Les vingt années qui suivent seront ensuite parsemée de batailles légales pour déterminer si, en définitive, le rancher doit payer ou non une taxe, et si cette taxe doit aller à l’État fédéral ou à l’État du Nevada. La question sera d’ailleurs tranchée, en défaveur du rancher. Tout ceci pourrait donc se résumer à des arguties juridiques obscures, si ce n’était l’action musclée, la semaine dernière, du Bureau fédéral qui, décidé à recouvrer les sommes dues depuis 20 ans, s’est mis en tête de, littéralement, se payer sur la bête en effectuant une ponction sur le cheptel du rancher.

bureaucratie : rien ne pourra plus l'arrêter !

Ponction qui s’est mal passée puisque ce dernier s’y est opposé et a menacé d’utiliser la force à sa disposition, force d’autant plus crédible que le Nevada autorise les milices armées. L’affaire s’est rapidement envenimée : les réseaux sociaux aidant, la bataille du rancher contre l’État fédéral a rapidement mobilisé des centaines d’Américains voisins de Bundy qui se sont empressés de s’agglutiner à différents endroits pour exprimer leur mécontentement et montrer qu’à l’instar du Bureau, lourdement armé, les citoyens américains pouvaient eux aussi se regrouper armés jusqu’aux dents et protester très visiblement.

La confrontation aurait pu tourner à la fusillade rangée ; cependant, la médiatisation locale, l’utilisation des réseaux sociaux, et le spectre du siège de Waco, le tout à l’approche d’élections auront largement contribué à refroidir une situation très tendue qui se conclut de façon relativement calme : le Bureau repart bredouille.

L’affaire est fort intéressante à plus d’un titre.

On peut, comme le fait justement remarquer Breitbart, noter que, sur le strict plan juridique, la position tenue par les Bundy n’est pas solide.
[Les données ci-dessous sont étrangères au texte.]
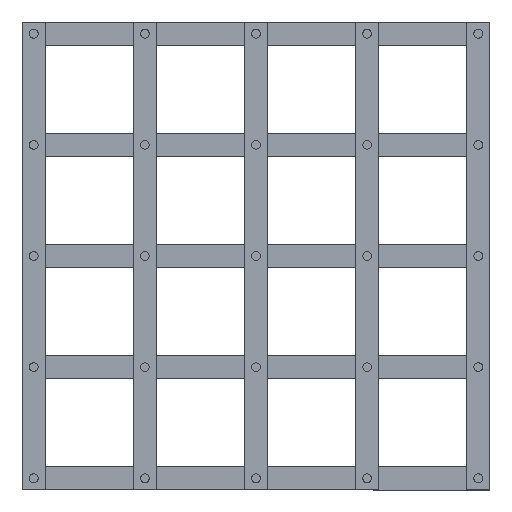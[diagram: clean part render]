
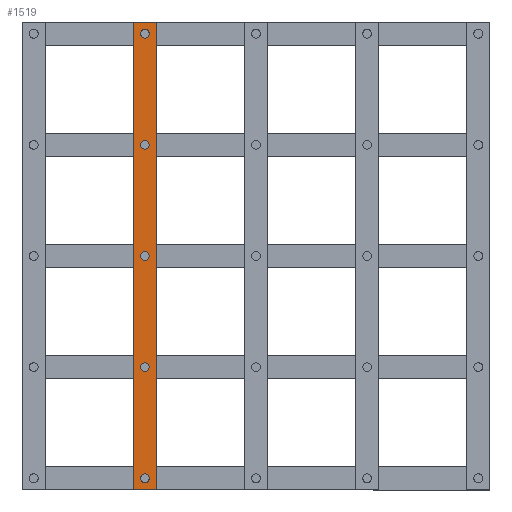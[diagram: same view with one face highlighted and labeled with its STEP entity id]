
A CAD part, front view. The second image highlights one B-rep face of the part: STEP entity #1519.
In plain terms, the highlighted planar face has unit normal (0, -1, 0).
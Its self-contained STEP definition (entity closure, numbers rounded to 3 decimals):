
#84=PLANE('',#1682);
#184=FACE_OUTER_BOUND('',#309,.T.);
#309=EDGE_LOOP('',(#1157,#1158,#1159,#1160));
#435=LINE('',#2373,#580);
#439=LINE('',#2381,#584);
#442=LINE('',#2387,#587);
#445=LINE('',#2392,#590);
#580=VECTOR('',#1894,10.);
#584=VECTOR('',#1900,10.);
#587=VECTOR('',#1905,10.);
#590=VECTOR('',#1910,10.);
#776=VERTEX_POINT('',#2371);
#777=VERTEX_POINT('',#2372);
#780=VERTEX_POINT('',#2380);
#782=VERTEX_POINT('',#2386);
#915=EDGE_CURVE('',#776,#777,#435,.T.);
#919=EDGE_CURVE('',#777,#780,#439,.T.);
#922=EDGE_CURVE('',#780,#782,#442,.T.);
#925=EDGE_CURVE('',#776,#782,#445,.T.);
#1157=ORIENTED_EDGE('',*,*,#925,.F.);
#1158=ORIENTED_EDGE('',*,*,#915,.T.);
#1159=ORIENTED_EDGE('',*,*,#919,.T.);
#1160=ORIENTED_EDGE('',*,*,#922,.T.);
#1519=ADVANCED_FACE('',(#184),#84,.F.);
#1682=AXIS2_PLACEMENT_3D('',#2395,#1914,#1915);
#1894=DIRECTION('',(-1.,0.,0.));
#1900=DIRECTION('',(0.,0.,-1.));
#1905=DIRECTION('',(1.,0.,0.));
#1910=DIRECTION('',(0.,0.,-1.));
#1914=DIRECTION('center_axis',(0.,1.,0.));
#1915=DIRECTION('ref_axis',(1.,0.,0.));
#2371=CARTESIAN_POINT('',(46.,0.,160.));
#2372=CARTESIAN_POINT('',(38.,0.,160.));
#2373=CARTESIAN_POINT('',(46.,0.,160.));
#2380=CARTESIAN_POINT('',(38.,0.,0.));
#2381=CARTESIAN_POINT('',(38.,0.,160.));
#2386=CARTESIAN_POINT('',(46.,0.,0.));
#2387=CARTESIAN_POINT('',(38.,0.,0.));
#2392=CARTESIAN_POINT('',(46.,0.,160.));
#2395=CARTESIAN_POINT('Origin',(42.,0.,80.));
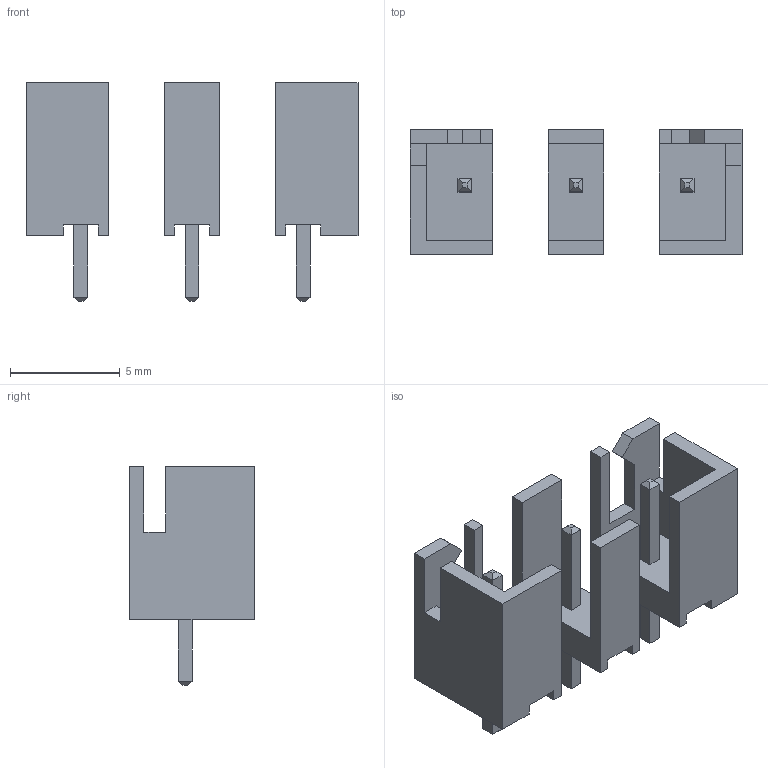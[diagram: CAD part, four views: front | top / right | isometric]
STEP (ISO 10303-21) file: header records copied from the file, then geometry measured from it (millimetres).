
FILE_DESCRIPTION(/* description */ (''),/* implementation_level */ '2;1');
FILE_NAME(/* name */ 'JST 2.54 Infinito.step',/* time_stamp */ '2022-12-12T16:25:08-03:00',/* author */ (''),/* organization */ (''),/* preprocessor_version */ 'ST-DEVELOPER v19.2',/* originating_system */ 'Autodesk Translation Framework v11.17.0.187',/* authorisation */ '');
FILE_SCHEMA (('AUTOMOTIVE_DESIGN { 1 0 10303 214 3 1 1 }'));
Length unit declared in the file: millimetre
Products named in the file (2): JST 2.54 Infinito; Construir JST
Assembly tree (1 placements, depth 2):
  JST 2.54 Infinito
    Construir JST
Bounding box: 15.16 x 5.7 x 10 mm (x, y, z)
Volume: 181.5 mm3; surface area: 594.8 mm2
Topology: 3 solids, 3 shells, 114 faces, 282 edges, 180 vertices
Faces by surface type: plane 114
Entity records: 3393 total; most frequent: CARTESIAN_POINT 579, ORIENTED_EDGE 564, DIRECTION 516, LINE 282, VECTOR 282, EDGE_CURVE 282, VERTEX_POINT 180, EDGE_LOOP 120

On peut aussi, et c’est l’intérêt de ce qui vient de se passer, largement comprendre qu’un peuple puisse résister à une taxe qu’il juge inique ou indue. Car après tout, comment qualifier une démocratie qui utiliserait son armée contre son propre peuple pour lui extorquer de l’argent ? N’est-il pas écrit, dans la constitution américaine tout comme, d’ailleurs, la constitution française, que l’État, s’il peut prélever des taxes, doit s’assurer du consentement à l’impôt de ses citoyens ?

Ce consentement est tout sauf une simple formule rhétorique puisqu’il fonde véritablement le principe même de la démocratie (le gouvernement du peuple, par le peuple et pour le peuple). Dès lors qu’un nombre d’individus ne consent plus à un impôt, s’en explique et est prêt à se battre pour le refuser, sans qu’on puisse qualifier le reste de ses activités comme ouvertement criminelles et néfastes au reste de la société, il devient délicat de continuer à parler de consentement, tout comme il est plus compliqué de faire croire à l’équité de la ponction opérée.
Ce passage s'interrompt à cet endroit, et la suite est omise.